Looking at your photo again, it looks like a twist ballpoint, so the standard Designer and the optional black finial might get you close: 
Funline Designer Economy Gold Twist Pen Kit at Penn State Industries
Black Cap for Designer Pens: 10 pack at Penn State Industries


----------



## jbswearingen (Dec 18, 2012)

Dave--

Thanks, I'll show him that.

penman--

I told him the same thing--the Euro style have a crappy (IMO) Cross cartridge; not worth the effort.

I appreciate the help, folks!


----------



## Carl Fisher (Dec 18, 2012)

Berea does offer a euro twist that uses a parker refill.  I had to build one for a customer not long ago.

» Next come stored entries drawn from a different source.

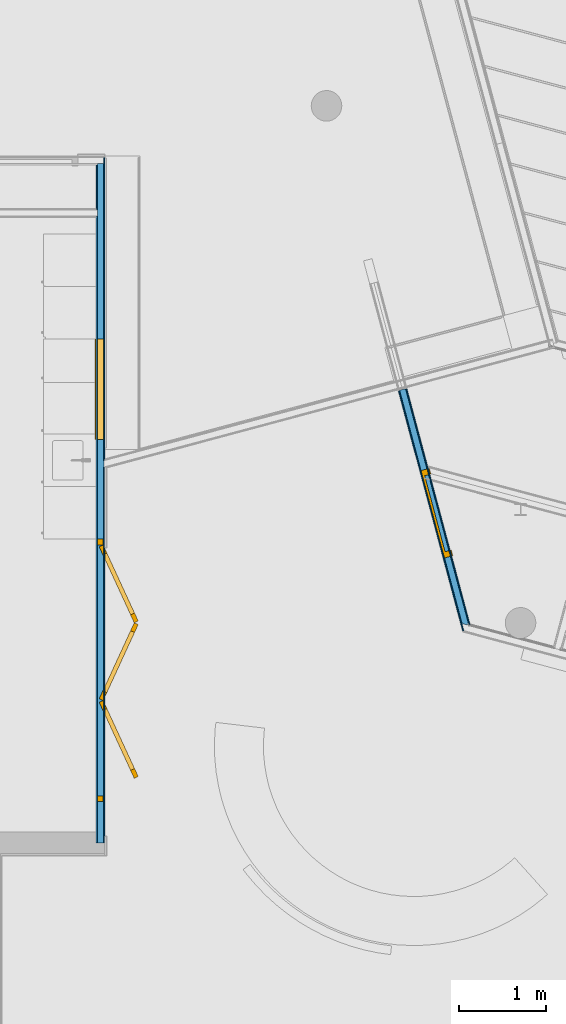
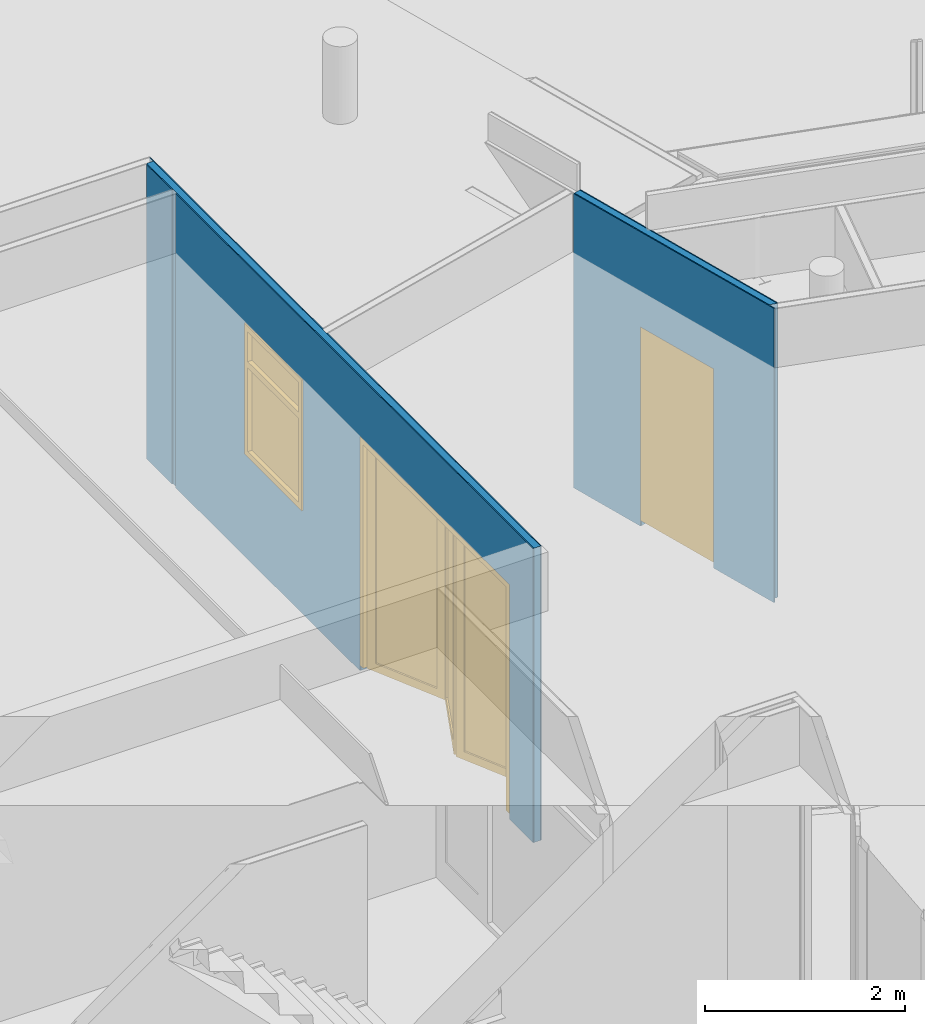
# One storey, part 24 of 167: 6 building element parts, 2 doors, 1 window, 3 openings, 2 elements without a shape of their own.
"""IFC2X3 building model written with IfcOpenShell, lengths in millimetres."""

from ifc_helpers import new_model, entity, si_unit, converted_unit, derived_unit, money_unit, direction, frame, origin_with_axes, place, context, subcontext, project, spatial, open_shell, faceted_brep, surface_model, source, transform, mapped, material, type_object, type_shapes, element, fill, aggregate, save


model = new_model("IFC2X3")

# Units and contexts
model_context = context("Model", 3, precision=0.01, world=origin_with_axes(), true_north=direction((0.0, 1.0)))
plan_context = context("Plan", 3, precision=0.01, world=origin_with_axes(), true_north=direction((0.0, 1.0)))
body_context = subcontext(model_context, "Body", "Model", "MODEL_VIEW")
ifc_project = project(units=[si_unit("LENGTHUNIT", "METRE", prefix="MILLI"), si_unit("AREAUNIT", "SQUARE_METRE"), si_unit("VOLUMEUNIT", "CUBIC_METRE"), converted_unit("PLANEANGLEUNIT", "DEGREE", entity("IfcPlaneAngleMeasure", 0.0174532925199), si_unit("PLANEANGLEUNIT", "RADIAN"), dimensions=[0, 0, 0, 0, 0, 0, 0]), si_unit("SOLIDANGLEUNIT", "STERADIAN"), money_unit("EUR"), converted_unit("TIMEUNIT", "Year", entity("IfcTimeMeasure", 31556926.0), si_unit("TIMEUNIT", "SECOND"), dimensions=[0, 0, 1, 0, 0, 0, 0]), si_unit("MASSUNIT", "GRAM", prefix="KILO"), si_unit("THERMODYNAMICTEMPERATUREUNIT", "DEGREE_CELSIUS"), si_unit("LUMINOUSINTENSITYUNIT", "LUMEN"), si_unit("ENERGYUNIT", "JOULE", prefix="MEGA"), derived_unit("THERMALCONDUCTANCEUNIT", [(si_unit("POWERUNIT", "WATT"), 1), (si_unit("LENGTHUNIT", "METRE"), -1), (si_unit("THERMODYNAMICTEMPERATUREUNIT", "KELVIN"), -1)]), derived_unit("SPECIFICHEATCAPACITYUNIT", [(si_unit("ENERGYUNIT", "JOULE"), 1), (si_unit("MASSUNIT", "GRAM", prefix="KILO"), -1), (si_unit("THERMODYNAMICTEMPERATUREUNIT", "KELVIN"), -1)]), derived_unit("MASSDENSITYUNIT", [(si_unit("MASSUNIT", "GRAM", prefix="KILO"), 1), (si_unit("VOLUMEUNIT", "CUBIC_METRE"), -1)])], contexts=[model_context, plan_context])

# Site, building, storey
site_placement = place(None, origin_with_axes())
site = spatial("IfcSite", under=ifc_project, at=site_placement, Name="Site", CompositionType="ELEMENT")
building_placement = place(site_placement, origin_with_axes())
building = spatial("IfcBuilding", under=site, at=building_placement, Name="Naam gebouw", CompositionType="ELEMENT")
storey_placement = place(building_placement, origin_with_axes())
storey = spatial("IfcBuildingStorey", under=building, at=storey_placement, Name="Begane grond", CompositionType="ELEMENT", Elevation=0.0)

# Window
window_style = type_object("IfcWindowStyle", Name="R1 24", ConstructionType="NOTDEFINED", OperationType="DOUBLE_PANEL_HORIZONTAL", ParameterTakesPrecedence=False, Sizeable=False)
wall_2_placement = place(storey_placement, frame((9600.0, 10800.0, -100.0), z_axis=(0.0, 0.0, 1.0), x_axis=(0.0, 1.0, 0.0)))
opening_2_placement = place(wall_2_placement, frame((5186.0, 0.0, 1300.0), z_axis=(0.0, 0.0, 1.0), x_axis=(1.0, 0.0, 0.0)))
window_placement = place(opening_2_placement, frame((575.0, 0.0, 0.0), z_axis=(0.0, 0.0, 1.0), x_axis=(-1.0, 0.0, 0.0)))
window = element("IfcWindow", 1, at=window_placement, inside=storey, type_object=window_style, Name="31_Raam_Hi-39", ObjectType="WINDOW", OverallHeight=1600.0, OverallWidth=1150.0, context=body_context, shape_type="SurfaceModel", body=[
    faceted_brep([(67.0, -64.0, 1092.4), (67.0, 50.0, 1092.4), (67.0, 50.0, 1167.4), (67.0, -64.0, 1167.4), (67.0, -64.0, 67.0), (67.0, 50.0, 67.0), (0.0, 50.0, 67.0), (0.0, 50.0, 1533.0), (67.0, 50.0, 1533.0), (67.0, -64.0, 1533.0), (0.0, -64.0, 1533.0), (0.0, -64.0, 67.0)], [[[0, 1, 2, 3]], [[4, 5, 1, 0]], [[1, 5, 6, 7, 8, 2]], [[3, 2, 8, 9]], [[0, 3, 9, 10, 11, 4]], [[11, 6, 5, 4]], [[10, 7, 6, 11]], [[9, 8, 7, 10]]]),
    faceted_brep([(1083.0, -64.0, 67.0), (1083.0, 50.0, 67.0), (1150.0, 50.0, 67.0), (1150.0, -64.0, 67.0), (1083.0, -64.0, 1092.4), (1083.0, 50.0, 1092.4), (1083.0, 50.0, 1167.4), (1083.0, 50.0, 1533.0), (1150.0, 50.0, 1533.0), (1150.0, -64.0, 1533.0), (1083.0, -64.0, 1533.0), (1083.0, -64.0, 1167.4)], [[[0, 1, 2, 3]], [[4, 5, 1, 0]], [[1, 5, 6, 7, 8, 2]], [[3, 2, 8, 9]], [[0, 3, 9, 10, 11, 4]], [[11, 6, 5, 4]], [[10, 7, 6, 11]], [[9, 8, 7, 10]]]),
    faceted_brep([(67.0, -64.0, 1167.4), (67.0, 50.0, 1167.4), (67.0, 50.0, 1092.4), (67.0, -64.0, 1092.4), (1083.0, -64.0, 1167.4), (1083.0, 50.0, 1167.4), (1083.0, 50.0, 1092.4), (1083.0, -64.0, 1092.4)], [[[0, 1, 2, 3]], [[4, 5, 1, 0]], [[1, 5, 6, 2]], [[3, 2, 6, 7]], [[0, 3, 7, 4]], [[7, 6, 5, 4]]]),
    faceted_brep([(67.0, -64.0, 67.0), (67.0, 50.0, 67.0), (0.0, 50.0, 67.0), (0.0, -64.0, 67.0), (1083.0, -64.0, 67.0), (1083.0, 50.0, 67.0), (1150.0, 50.0, 67.0), (1150.0, 50.0, 0.0), (0.0, 50.0, 0.0), (0.0, -64.0, 0.0), (1150.0, -64.0, 0.0), (1150.0, -64.0, 67.0)], [[[0, 1, 2, 3]], [[4, 5, 1, 0]], [[1, 5, 6, 7, 8, 2]], [[3, 2, 8, 9]], [[0, 3, 9, 10, 11, 4]], [[11, 6, 5, 4]], [[10, 7, 6, 11]], [[9, 8, 7, 10]]]),
    faceted_brep([(1083.0, -64.0, 1533.0), (1083.0, 50.0, 1533.0), (1150.0, 50.0, 1533.0), (1150.0, -64.0, 1533.0), (67.0, -64.0, 1533.0), (67.0, 50.0, 1533.0), (0.0, 50.0, 1533.0), (0.0, 50.0, 1600.0), (1150.0, 50.0, 1600.0), (1150.0, -64.0, 1600.0), (0.0, -64.0, 1600.0), (0.0, -64.0, 1533.0)], [[[0, 1, 2, 3]], [[4, 5, 1, 0]], [[1, 5, 6, 7, 8, 2]], [[3, 2, 8, 9]], [[0, 3, 9, 10, 11, 4]], [[11, 6, 5, 4]], [[10, 7, 6, 11]], [[9, 8, 7, 10]]]),
    surface_model("IfcShellBasedSurfaceModel", [(67.0, -14.0, 1167.4), (1083.0, -14.0, 1167.4), (1083.0, -14.0, 1533.0), (67.0, -14.0, 1533.0)], [open_shell([[[0, 1, 2, 3]]])]),
    surface_model("IfcShellBasedSurfaceModel", [(67.0, 6.0, 1167.4), (67.0, 6.0, 1533.0), (1083.0, 6.0, 1533.0), (1083.0, 6.0, 1167.4)], [open_shell([[[0, 1, 2, 3]]])]),
    surface_model("IfcShellBasedSurfaceModel", [(67.0, -14.0, 67.0), (1083.0, -14.0, 67.0), (1083.0, -14.0, 1092.4), (67.0, -14.0, 1092.4)], [open_shell([[[0, 1, 2, 3]]])]),
    surface_model("IfcShellBasedSurfaceModel", [(67.0, 6.0, 67.0), (67.0, 6.0, 1092.4), (1083.0, 6.0, 1092.4), (1083.0, 6.0, 67.0)], [open_shell([[[0, 1, 2, 3]]])]),
])

# Door
door_style_1 = type_object("IfcDoorStyle", Name="D1 24", ConstructionType="NOTDEFINED", OperationType="SINGLE_SWING_RIGHT", ParameterTakesPrecedence=False, Sizeable=False)
shared_shape_1 = source(origin_with_axes(), body_context, "Body", "Brep", [
    faceted_brep([(-450.0, -40.0, 0.0), (-450.0, -40.0, 2300.0), (-450.0, -114.0, 2300.0), (-450.0, -114.0, 0.0), (-475.0, -40.0, 2300.0), (-475.0, -40.0, 0.0), (-475.0, 0.0, 2300.0), (-517.0, 0.0, 2300.0), (-517.0, -114.0, 2300.0), (-517.0, -114.0, 0.0), (-517.0, 0.0, 0.0), (-475.0, 0.0, 0.0)], [[[0, 1, 2, 3]], [[4, 1, 0, 5]], [[4, 6, 7, 8, 2, 1]], [[3, 2, 8, 9]], [[5, 0, 3, 9, 10, 11]], [[6, 4, 5, 11]], [[6, 11, 10, 7]], [[10, 9, 8, 7]]]),
    faceted_brep([(475.0, -40.0, 2300.0), (450.0, -40.0, 2300.0), (450.0, -114.0, 2300.0), (517.0, -114.0, 2300.0), (517.0, 0.0, 2300.0), (475.0, 0.0, 2300.0), (475.0, -40.0, 0.0), (450.0, -40.0, 0.0), (450.0, -114.0, 0.0), (517.0, -114.0, 0.0), (517.0, 0.0, 0.0), (475.0, 0.0, 0.0)], [[[0, 1, 2, 3, 4, 5]], [[1, 0, 6, 7]], [[1, 7, 8, 2]], [[3, 2, 8, 9]], [[4, 3, 9, 10]], [[11, 5, 4, 10]], [[0, 5, 11, 6]], [[6, 11, 10, 9, 8, 7]]]),
    faceted_brep([(-475.0, 0.0, 2325.0), (-475.0, 0.0, 2300.0), (-517.0, 0.0, 2300.0), (-517.0, 0.0, 2367.0), (517.0, 0.0, 2367.0), (517.0, 0.0, 2300.0), (475.0, 0.0, 2300.0), (475.0, 0.0, 2325.0), (-475.0, -40.0, 2325.0), (-475.0, -40.0, 2300.0), (-450.0, -40.0, 2300.0), (-450.0, -114.0, 2300.0), (-517.0, -114.0, 2300.0), (-517.0, -114.0, 2367.0), (517.0, -114.0, 2367.0), (517.0, -114.0, 2300.0), (475.0, -40.0, 2300.0), (450.0, -114.0, 2300.0), (450.0, -40.0, 2300.0), (475.0, -40.0, 2325.0)], [[[0, 1, 2, 3, 4, 5, 6, 7]], [[1, 0, 8, 9]], [[9, 10, 11, 12, 2, 1]], [[2, 12, 13, 3]], [[3, 13, 14, 4]], [[4, 14, 15, 5]], [[16, 6, 5, 15, 17, 18]], [[7, 6, 16, 19]], [[0, 7, 19, 8]], [[16, 18, 10, 9, 8, 19]], [[10, 18, 17, 11]], [[17, 15, 14, 13, 12, 11]]]),
    faceted_brep([(475.0, 0.0, 0.0), (475.0, -40.0, 0.0), (-475.0, -40.0, 0.0), (-475.0, 0.0, 0.0), (475.0, 0.0, 2325.0), (475.0, -40.0, 2325.0), (-475.0, -40.0, 2325.0), (-475.0, 0.0, 2325.0)], [[[0, 1, 2, 3]], [[4, 5, 1, 0]], [[1, 5, 6, 2]], [[3, 2, 6, 7]], [[0, 3, 7, 4]], [[7, 6, 5, 4]]]),
])
type_shapes(door_style_1, [shared_shape_1])
wall_1_placement = place(storey_placement, frame((13050.8860643, 15981.2757044, -70.0), z_axis=(0.0, 0.0, 1.0), x_axis=(0.258819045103, -0.965925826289, 0.0)))
opening_1_placement = place(wall_1_placement, frame((1466.61251975, 0.0, 70.0), z_axis=(0.0, 0.0, 1.0), x_axis=(1.0, 0.0, 0.0)))
door_1_placement = place(opening_1_placement, frame((517.0, 0.0, 0.0), z_axis=(0.0, 0.0, 1.0), x_axis=(-1.0, 0.0, 0.0)))
door_1 = element("IfcDoor", 2, at=door_1_placement, inside=storey, type_object=door_style_1, Name="_Deur_Hi-01s", ObjectType="DOOR", OverallHeight=2367.0, OverallWidth=1034.0, context=body_context, shape_type="MappedRepresentation", body=[
    mapped(shared_shape_1, transform((517.0, 50.0, 0.0))),
])

door_style_2 = type_object("IfcDoorStyle", Name="DV1 24", ConstructionType="NOTDEFINED", OperationType="FOLDING_TO_RIGHT", ParameterTakesPrecedence=False, Sizeable=False)
shared_shape_2 = source(origin_with_axes(), body_context, "Body", "SurfaceModel", [
    faceted_brep([(-1500.0, 0.0, 0.0), (-1433.0, 0.0, 0.0), (-1433.0, -80.0, 0.0), (-1500.0, -80.0, 0.0), (-1500.0, 0.0, 2733.0), (-1433.0, 0.0, 2733.0), (-1433.0, -80.0, 2733.0), (-1500.0, -80.0, 2733.0)], [[[0, 1, 2, 3]], [[0, 4, 5, 1]], [[1, 5, 6, 2]], [[3, 2, 6, 7]], [[4, 0, 3, 7]], [[5, 4, 7, 6]]]),
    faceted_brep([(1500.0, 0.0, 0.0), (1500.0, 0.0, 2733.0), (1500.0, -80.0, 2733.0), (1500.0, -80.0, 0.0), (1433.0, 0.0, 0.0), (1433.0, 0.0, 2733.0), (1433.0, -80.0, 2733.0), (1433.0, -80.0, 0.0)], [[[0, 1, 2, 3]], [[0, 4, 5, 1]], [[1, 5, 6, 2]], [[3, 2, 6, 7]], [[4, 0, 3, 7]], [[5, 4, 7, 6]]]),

That being said, it was one of the most finicky kits I've ever had to build and I'll not be doing another.  The perfect fit sounds like the ticket.


----------



## PenMan1 (Dec 18, 2012)

I've been making the Perfect Fits for a LONG time (since before the upgraded finishes became readily available). I've never gotten one back for mechanical problems.....because a customer ran over it and cracked the barrels, yes.... But the tranny was perfect.


----------



## PenMan1 (Dec 18, 2012)

The only difficulty in making the Perfect Fit is getting past the "left handed" instructions. THERE IS NO NEED TO CUT A TENON. Just cut the upper tube to 1 7/8 inches, then glue the tube flush in the other end. You can even make a "production jig" to cut multiple blanks to 1 7/8 inches. DAMHIKT


----------



## 76winger (Dec 18, 2012)

The Perfect Fit Convertible looks like a good one to check out. I like the the convertible option. PSI also has a "Premium Designer" that uses 8mm tubes and parker refills that I like pretty well, but the clips that come with them are different from the look on the Mont Blancs and they only come in 24k plating so far.


----------



## jbswearingen (Dec 18, 2012)

Penman--

On the custom finial--he's interested in getting a tattoo of his case into a cap--it's a Celtic wreath of sorts.  Is there a way to do that?

http://www.svrider.com/forum/image.php?u=9635&dateline=1269573368


----------



## PenMan1 (Dec 18, 2012)

The top/clip retainer threads in the PF are the same as the designer domed finials. CSUSA sells threaded studs and a stud mandrel (cheap 3-6 dollars, I think) and you make any fenial you want.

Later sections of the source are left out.